• EXERCISE GOAL:
Your copy should hold the lines below from the first through the one that contains "#85 = EDGE_LOOP", each retyped exactly, and no pictures.

• EXTRACTED INFORMATION:
========

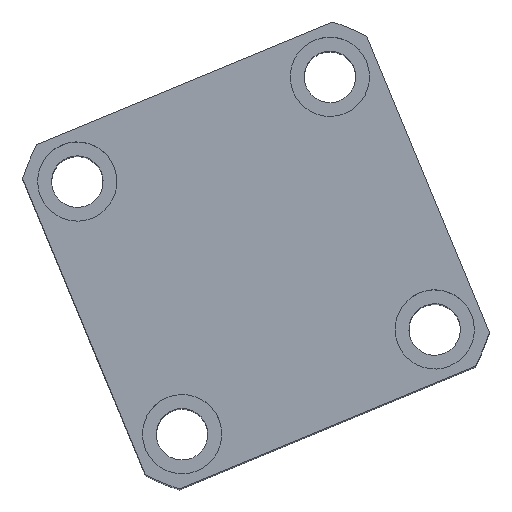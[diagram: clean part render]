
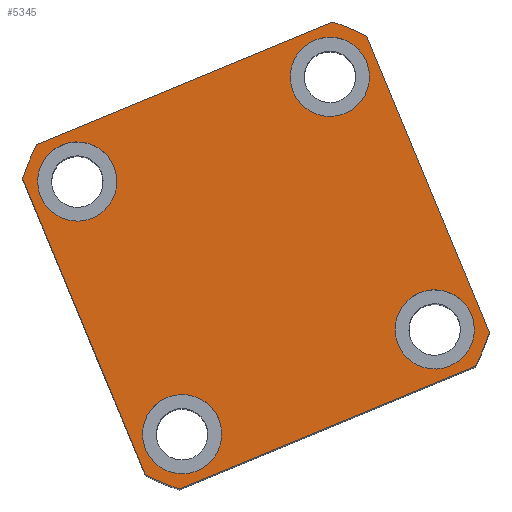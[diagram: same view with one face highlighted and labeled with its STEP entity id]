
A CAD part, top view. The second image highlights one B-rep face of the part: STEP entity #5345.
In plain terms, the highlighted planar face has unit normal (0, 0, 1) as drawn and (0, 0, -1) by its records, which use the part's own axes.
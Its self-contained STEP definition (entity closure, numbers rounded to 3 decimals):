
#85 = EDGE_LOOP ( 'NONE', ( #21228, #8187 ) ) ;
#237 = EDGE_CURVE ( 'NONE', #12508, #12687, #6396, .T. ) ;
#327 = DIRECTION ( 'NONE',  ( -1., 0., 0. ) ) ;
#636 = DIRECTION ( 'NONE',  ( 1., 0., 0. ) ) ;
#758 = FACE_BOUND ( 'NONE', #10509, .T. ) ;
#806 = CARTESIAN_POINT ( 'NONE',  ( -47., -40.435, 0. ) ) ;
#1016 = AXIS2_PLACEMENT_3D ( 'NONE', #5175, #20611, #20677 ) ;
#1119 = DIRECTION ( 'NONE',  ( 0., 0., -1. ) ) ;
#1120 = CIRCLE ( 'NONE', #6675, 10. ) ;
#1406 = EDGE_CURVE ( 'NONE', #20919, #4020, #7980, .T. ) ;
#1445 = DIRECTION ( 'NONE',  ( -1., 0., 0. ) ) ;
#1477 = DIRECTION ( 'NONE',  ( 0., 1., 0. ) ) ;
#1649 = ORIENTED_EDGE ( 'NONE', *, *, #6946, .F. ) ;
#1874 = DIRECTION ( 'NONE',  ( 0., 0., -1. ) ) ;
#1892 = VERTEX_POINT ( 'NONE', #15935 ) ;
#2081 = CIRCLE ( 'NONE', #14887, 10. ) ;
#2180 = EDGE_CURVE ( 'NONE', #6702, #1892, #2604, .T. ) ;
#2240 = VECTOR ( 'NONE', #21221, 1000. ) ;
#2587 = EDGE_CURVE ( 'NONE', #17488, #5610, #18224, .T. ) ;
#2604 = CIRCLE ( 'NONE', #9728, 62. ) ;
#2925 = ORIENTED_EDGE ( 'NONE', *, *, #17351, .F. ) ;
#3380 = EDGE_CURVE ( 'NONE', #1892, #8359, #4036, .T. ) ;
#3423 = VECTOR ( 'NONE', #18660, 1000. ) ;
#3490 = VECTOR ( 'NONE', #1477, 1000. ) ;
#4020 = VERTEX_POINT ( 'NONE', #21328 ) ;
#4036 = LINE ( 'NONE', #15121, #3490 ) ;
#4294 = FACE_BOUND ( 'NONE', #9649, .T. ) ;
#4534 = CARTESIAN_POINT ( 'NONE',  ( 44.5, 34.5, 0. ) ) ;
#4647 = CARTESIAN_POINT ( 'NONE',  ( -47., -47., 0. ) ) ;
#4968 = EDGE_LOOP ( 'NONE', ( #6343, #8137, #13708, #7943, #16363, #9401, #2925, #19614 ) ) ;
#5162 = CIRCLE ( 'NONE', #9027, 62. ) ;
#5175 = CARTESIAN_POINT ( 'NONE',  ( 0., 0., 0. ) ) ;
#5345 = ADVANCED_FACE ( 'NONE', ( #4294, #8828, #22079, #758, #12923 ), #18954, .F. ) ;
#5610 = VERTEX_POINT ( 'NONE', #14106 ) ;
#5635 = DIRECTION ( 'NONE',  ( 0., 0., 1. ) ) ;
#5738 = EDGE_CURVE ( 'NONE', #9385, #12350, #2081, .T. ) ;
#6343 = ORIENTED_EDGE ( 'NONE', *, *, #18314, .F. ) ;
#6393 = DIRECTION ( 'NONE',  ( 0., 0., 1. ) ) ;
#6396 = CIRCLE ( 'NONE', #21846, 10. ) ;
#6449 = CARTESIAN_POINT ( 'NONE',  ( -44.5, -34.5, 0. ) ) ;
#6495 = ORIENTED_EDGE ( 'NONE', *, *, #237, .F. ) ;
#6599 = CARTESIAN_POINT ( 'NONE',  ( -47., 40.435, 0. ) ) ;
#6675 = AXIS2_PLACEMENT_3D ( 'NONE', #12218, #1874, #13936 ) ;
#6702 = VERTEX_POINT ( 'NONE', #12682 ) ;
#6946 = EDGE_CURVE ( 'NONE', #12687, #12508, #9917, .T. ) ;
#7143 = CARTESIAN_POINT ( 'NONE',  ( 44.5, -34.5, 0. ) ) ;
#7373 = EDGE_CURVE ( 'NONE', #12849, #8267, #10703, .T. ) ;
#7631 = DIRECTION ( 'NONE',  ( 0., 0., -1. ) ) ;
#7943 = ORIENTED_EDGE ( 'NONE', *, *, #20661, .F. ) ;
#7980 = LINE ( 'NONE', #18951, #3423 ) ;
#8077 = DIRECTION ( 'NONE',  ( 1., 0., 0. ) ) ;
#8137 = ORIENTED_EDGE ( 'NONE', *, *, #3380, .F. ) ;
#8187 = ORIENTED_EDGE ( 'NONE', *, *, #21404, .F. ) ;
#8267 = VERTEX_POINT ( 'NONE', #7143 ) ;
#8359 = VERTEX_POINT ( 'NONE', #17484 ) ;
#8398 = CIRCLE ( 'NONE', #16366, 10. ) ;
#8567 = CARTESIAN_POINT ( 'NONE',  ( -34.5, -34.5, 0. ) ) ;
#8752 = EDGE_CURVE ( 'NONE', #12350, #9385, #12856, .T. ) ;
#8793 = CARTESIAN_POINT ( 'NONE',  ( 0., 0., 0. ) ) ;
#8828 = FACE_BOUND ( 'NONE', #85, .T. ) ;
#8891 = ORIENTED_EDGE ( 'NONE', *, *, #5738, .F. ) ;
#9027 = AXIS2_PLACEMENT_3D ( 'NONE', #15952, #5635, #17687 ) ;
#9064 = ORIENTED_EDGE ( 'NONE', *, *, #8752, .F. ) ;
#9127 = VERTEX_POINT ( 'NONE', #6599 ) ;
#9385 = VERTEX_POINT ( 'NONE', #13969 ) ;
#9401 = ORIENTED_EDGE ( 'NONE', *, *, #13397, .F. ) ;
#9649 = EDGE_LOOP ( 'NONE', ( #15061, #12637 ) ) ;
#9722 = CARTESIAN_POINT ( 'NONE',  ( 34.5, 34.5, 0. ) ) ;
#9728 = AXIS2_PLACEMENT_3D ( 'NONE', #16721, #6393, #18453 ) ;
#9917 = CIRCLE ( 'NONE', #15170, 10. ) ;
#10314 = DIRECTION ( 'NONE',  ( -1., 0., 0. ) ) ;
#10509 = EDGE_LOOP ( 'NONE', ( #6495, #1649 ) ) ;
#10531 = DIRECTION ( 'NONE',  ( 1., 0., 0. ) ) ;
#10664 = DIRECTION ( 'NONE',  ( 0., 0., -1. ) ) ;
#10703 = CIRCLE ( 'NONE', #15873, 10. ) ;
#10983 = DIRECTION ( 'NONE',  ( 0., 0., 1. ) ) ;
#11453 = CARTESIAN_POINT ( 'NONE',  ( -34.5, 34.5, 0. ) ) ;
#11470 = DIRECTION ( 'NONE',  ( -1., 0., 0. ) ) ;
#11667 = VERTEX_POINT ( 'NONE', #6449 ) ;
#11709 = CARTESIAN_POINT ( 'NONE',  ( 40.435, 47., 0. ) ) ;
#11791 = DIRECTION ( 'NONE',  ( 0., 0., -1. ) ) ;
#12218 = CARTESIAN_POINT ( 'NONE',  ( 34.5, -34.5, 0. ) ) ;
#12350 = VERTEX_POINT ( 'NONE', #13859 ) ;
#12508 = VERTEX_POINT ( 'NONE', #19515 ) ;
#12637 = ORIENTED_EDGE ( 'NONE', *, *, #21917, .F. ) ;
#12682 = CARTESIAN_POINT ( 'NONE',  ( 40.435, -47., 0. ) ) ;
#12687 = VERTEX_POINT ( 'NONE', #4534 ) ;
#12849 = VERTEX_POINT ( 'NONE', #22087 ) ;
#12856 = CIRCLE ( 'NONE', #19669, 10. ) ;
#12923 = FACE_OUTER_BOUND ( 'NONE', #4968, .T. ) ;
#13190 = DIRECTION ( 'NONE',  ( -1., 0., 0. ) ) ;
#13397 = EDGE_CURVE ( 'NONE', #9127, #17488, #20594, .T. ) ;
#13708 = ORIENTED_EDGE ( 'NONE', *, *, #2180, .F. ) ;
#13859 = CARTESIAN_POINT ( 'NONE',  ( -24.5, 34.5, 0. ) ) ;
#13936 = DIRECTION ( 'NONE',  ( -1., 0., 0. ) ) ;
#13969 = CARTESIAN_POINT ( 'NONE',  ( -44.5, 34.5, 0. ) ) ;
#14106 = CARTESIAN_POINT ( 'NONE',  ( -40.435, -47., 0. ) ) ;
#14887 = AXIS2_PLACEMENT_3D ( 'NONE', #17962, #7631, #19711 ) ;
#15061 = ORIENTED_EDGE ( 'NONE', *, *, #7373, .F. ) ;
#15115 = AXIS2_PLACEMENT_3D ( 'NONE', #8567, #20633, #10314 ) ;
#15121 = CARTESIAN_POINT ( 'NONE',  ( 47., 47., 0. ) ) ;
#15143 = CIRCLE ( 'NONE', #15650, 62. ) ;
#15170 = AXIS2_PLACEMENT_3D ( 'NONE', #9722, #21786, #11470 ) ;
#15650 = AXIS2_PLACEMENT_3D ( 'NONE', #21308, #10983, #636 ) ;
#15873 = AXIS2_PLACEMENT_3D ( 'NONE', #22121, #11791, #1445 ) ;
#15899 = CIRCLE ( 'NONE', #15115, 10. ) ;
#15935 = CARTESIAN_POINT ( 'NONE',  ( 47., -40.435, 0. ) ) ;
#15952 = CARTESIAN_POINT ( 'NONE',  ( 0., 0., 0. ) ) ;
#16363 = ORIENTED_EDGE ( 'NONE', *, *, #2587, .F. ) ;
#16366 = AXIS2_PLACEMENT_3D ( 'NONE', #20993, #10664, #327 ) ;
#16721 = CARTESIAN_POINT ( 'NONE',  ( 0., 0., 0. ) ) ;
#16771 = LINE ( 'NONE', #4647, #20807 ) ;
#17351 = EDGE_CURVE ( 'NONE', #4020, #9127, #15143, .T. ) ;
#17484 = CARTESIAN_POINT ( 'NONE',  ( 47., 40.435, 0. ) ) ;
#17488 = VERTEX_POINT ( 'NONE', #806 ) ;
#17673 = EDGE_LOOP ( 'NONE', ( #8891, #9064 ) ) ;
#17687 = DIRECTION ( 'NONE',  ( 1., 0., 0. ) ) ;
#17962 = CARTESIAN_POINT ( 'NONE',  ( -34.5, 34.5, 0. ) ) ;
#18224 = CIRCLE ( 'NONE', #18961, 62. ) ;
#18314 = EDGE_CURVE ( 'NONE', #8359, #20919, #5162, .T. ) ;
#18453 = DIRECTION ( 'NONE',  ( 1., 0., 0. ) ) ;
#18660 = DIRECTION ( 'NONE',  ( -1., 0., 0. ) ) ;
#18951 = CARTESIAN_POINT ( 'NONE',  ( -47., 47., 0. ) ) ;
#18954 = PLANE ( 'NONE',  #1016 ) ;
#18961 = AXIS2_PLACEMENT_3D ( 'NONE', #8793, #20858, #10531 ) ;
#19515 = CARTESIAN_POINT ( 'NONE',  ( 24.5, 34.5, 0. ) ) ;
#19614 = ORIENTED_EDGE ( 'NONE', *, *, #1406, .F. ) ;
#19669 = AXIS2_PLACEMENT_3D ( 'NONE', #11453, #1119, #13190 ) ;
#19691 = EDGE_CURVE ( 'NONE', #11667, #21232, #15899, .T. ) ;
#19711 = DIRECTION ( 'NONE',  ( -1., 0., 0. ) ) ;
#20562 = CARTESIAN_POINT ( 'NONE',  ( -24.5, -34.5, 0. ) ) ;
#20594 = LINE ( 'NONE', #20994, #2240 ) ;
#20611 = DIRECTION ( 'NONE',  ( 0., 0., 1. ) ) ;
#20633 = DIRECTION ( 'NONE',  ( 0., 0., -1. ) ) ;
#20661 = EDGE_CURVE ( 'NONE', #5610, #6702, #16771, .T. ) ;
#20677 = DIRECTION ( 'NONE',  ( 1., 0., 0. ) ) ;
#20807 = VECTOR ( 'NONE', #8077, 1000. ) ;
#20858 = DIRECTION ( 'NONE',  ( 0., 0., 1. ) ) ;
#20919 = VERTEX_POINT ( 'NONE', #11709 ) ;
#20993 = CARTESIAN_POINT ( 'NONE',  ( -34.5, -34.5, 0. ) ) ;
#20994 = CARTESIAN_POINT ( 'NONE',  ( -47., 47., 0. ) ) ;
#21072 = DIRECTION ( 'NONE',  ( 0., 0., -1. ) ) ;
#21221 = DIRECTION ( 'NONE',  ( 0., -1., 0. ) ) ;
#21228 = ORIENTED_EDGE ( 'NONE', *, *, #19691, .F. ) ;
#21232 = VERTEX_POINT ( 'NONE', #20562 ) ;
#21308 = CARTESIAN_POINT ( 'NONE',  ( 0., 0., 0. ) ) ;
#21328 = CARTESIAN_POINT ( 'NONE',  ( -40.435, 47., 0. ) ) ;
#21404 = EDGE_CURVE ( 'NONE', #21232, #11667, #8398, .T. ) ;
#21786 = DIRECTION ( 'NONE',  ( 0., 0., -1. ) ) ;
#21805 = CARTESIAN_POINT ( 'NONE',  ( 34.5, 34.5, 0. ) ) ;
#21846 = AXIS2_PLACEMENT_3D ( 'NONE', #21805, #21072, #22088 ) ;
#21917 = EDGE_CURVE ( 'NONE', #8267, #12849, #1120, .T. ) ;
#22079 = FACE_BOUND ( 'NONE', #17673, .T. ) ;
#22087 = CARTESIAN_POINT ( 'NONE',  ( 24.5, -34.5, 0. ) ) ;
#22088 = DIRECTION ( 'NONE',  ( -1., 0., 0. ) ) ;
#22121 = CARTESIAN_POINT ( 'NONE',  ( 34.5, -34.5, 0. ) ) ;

========

• RESPONSE:
[diagram: clean part render]
[diagram: same view with one face highlighted and labeled with its STEP entity id]
A CAD part, top view. The second image highlights one B-rep face of the part: STEP entity #5345.
In plain terms, the highlighted planar face has unit normal (0, 0, 1) as drawn and (0, 0, -1) by its records, which use the part's own axes.
Its self-contained STEP definition (entity closure, numbers rounded to 3 decimals):
#85 = EDGE_LOOP ( 'NONE', ( #21228, #8187 ) ) ;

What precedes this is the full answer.